計画経済の壮大な無駄が現在、中国で繰り広げられている。地方政府は、いかに経済成長を実現するか。それが官僚の出世の尺度であるだけに、新エネ車(EV・PHV)の設備増強に取組んでいる。これが、過剰生産の原因だ。ただ、設備投資を強行しているので、この分がGDPを押上げている。こういう無駄な投資の繰返しが、中国経済を支えているのだ。
『日本経済新聞 電子版』(7月9日付)は、「中国車、過剰生産が招く悪循環 競争激化で淘汰・撤退」と題する記事を掲載した。
世界で販売を広げる中国製の電気自動車(EV)に対し、追加関税を決めた欧州だけでなく北米などでも流入に歯止めをかける動きが広がる。中国の自動車業界は過剰生産問題を抱えている。輸出先が絞られると、国内でだぶついた低価格な中国車が東南アジアや南米などになだれ込み、世界の自動車市場に波乱を巻き起こしかねない。
(1)「中国では、EVやプラグインハイブリッド車(PHV)など新エネルギー車分野で少なくとも50社以上が乗用車を生産し、激しい競争が続く。
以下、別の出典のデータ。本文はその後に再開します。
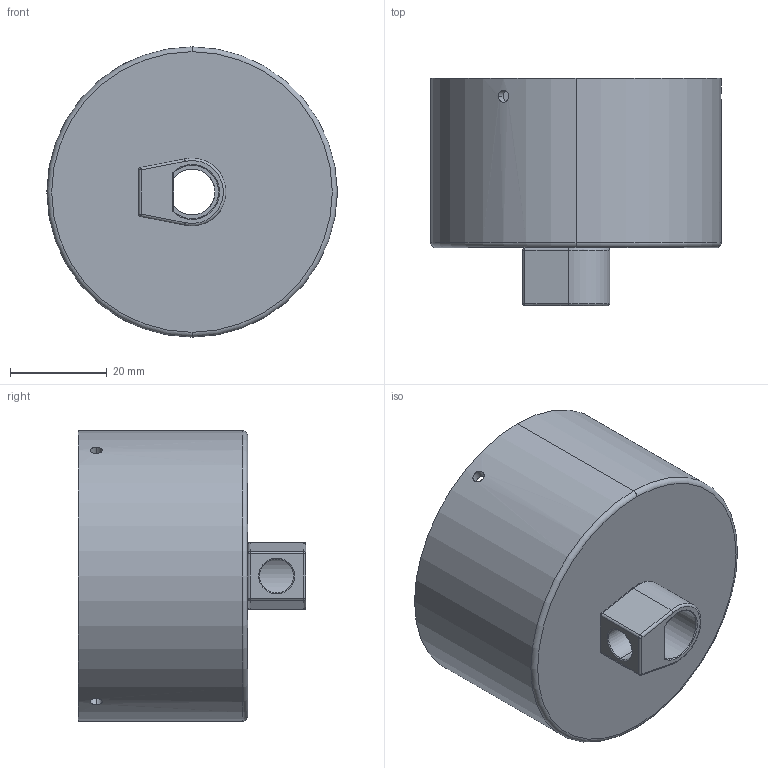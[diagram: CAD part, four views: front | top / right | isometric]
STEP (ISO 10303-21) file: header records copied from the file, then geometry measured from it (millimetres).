
FILE_DESCRIPTION (( 'STEP AP203' ), '1' );
FILE_NAME ('ACCANOPYTO004BC.STEP', '2023-09-14T07:15:46', ( '' ), ( '' ), 'SwSTEP 2.0', 'SolidWorks 2023', '' );
FILE_SCHEMA (( 'CONFIG_CONTROL_DESIGN' ));
Length unit declared in the file: millimetre
Products named in the file (4): WSCM2C0133-0700-00; ACCANOPYTO004BC; WSCM2A0130-0700-00; WSA5346-07-1-6----
Assembly tree (3 placements, depth 2):
  ACCANOPYTO004BC
    WSCM2A0130-0700-00
    WSA5346-07-1-6----
    WSCM2C0133-0700-00
Bounding box: 60 x 47 x 60 mm (x, y, z)
Volume: 23705.4 mm3; surface area: 24960 mm2
Topology: 3 solids, 3 shells, 88 faces, 209 edges, 124 vertices
Faces by surface type: cylinder 46, torus 16, plane 16, cone 6, sphere 4
Entity records: 3198 total; most frequent: CARTESIAN_POINT 701, DIRECTION 480, ORIENTED_EDGE 410, EDGE_CURVE 205, AXIS2_PLACEMENT_3D 203, VERTEX_POINT 124, CIRCLE 109, EDGE_LOOP 107

大手の比亜迪(BYD)は2月以降、10車種以上の値下げに踏み切った。中国メディアによると、車各社や各地方政府の計画を合算した場合、25年の新エネ車の生産能力は3600万台規模に達するとの見方がある。生産台数見通しと比べ、2000万台近く過剰となる試算だ」
トヨタ自動車は過去、中国でEV普及を助けるべく自社のHV技術特許を無料公開したことがある。これが引き金になって、中国のEV過剰投資が始まった。25年の新エネ車の生産能力は3600万台で、過剰能力が2000万台とは「壮大な無駄」な投資になっている。操業度は44%にすぎない。
(2)「過剰生産の解消に向け、中国が活路を求めてきたのが輸出だ。中国汽車工業協会によると、23年の中国からの新エネ車の輸出は約120万台と22年比で78%増えた。中国製のEVを巡っては、欧州連合(EU)で5日に追加関税を課す措置が始まったほか、米国も高い関税を課している。ブルームバーグ通信は6月、カナダ政府も関税を引き上げる検討に入ったと報じた」
EUの追加関税率引上げによって、中国EV輸出は約25%の減少予測になっている。この中には,欧米国企業のEVも含まれている。
(3)「新エネ車輸出の4割は欧州向けだ。欧米から中国車が締め出されれば、東南アジアや南米への輸出が増える可能性がある。すでに低価格な中国車の流通が増えている東南アジアでは新車販売の競争が激化している。中国車の台頭が著しいタイでは、スズキが四輪生産から25年末で撤退し、ホンダも25年までにタイの2工場を統合し、生産能力を5割以下に下げる」
欧米から締め出される形の中国EV輸出は、東南アジアに向うものと予測されている。東南アジアで地盤をつくっている日本車にも影響は出る。ただ、中国EVの電池は、低コストが主眼で走行距離が短い欠点を抱えている。「EV初物客」には受けても、いずれ飽きられる宿命を負っている。この欠陥を補うのが、全固体型電池である。トヨタが、27年以降に発売する。それまでの繋ぎ役が、中国EVである。
(4)「過剰生産に歯止めがかからないなか、中国でも淘汰が始まった。現地報道によると、新興EVの華人運通(ヒューマン・ホライゾンズ)の高級ブランド「HiPhi」は2月に操業を停止した。中国は23年に自動車輸出台数で日本を抜き、世界首位となった。自動車産業は、低価格な中国車と対峙する転換期を迎えている」
操業度4割でも、地方政府は「雇用対策」で補助金を出している。EVが、失業対策になっている面があるのだ。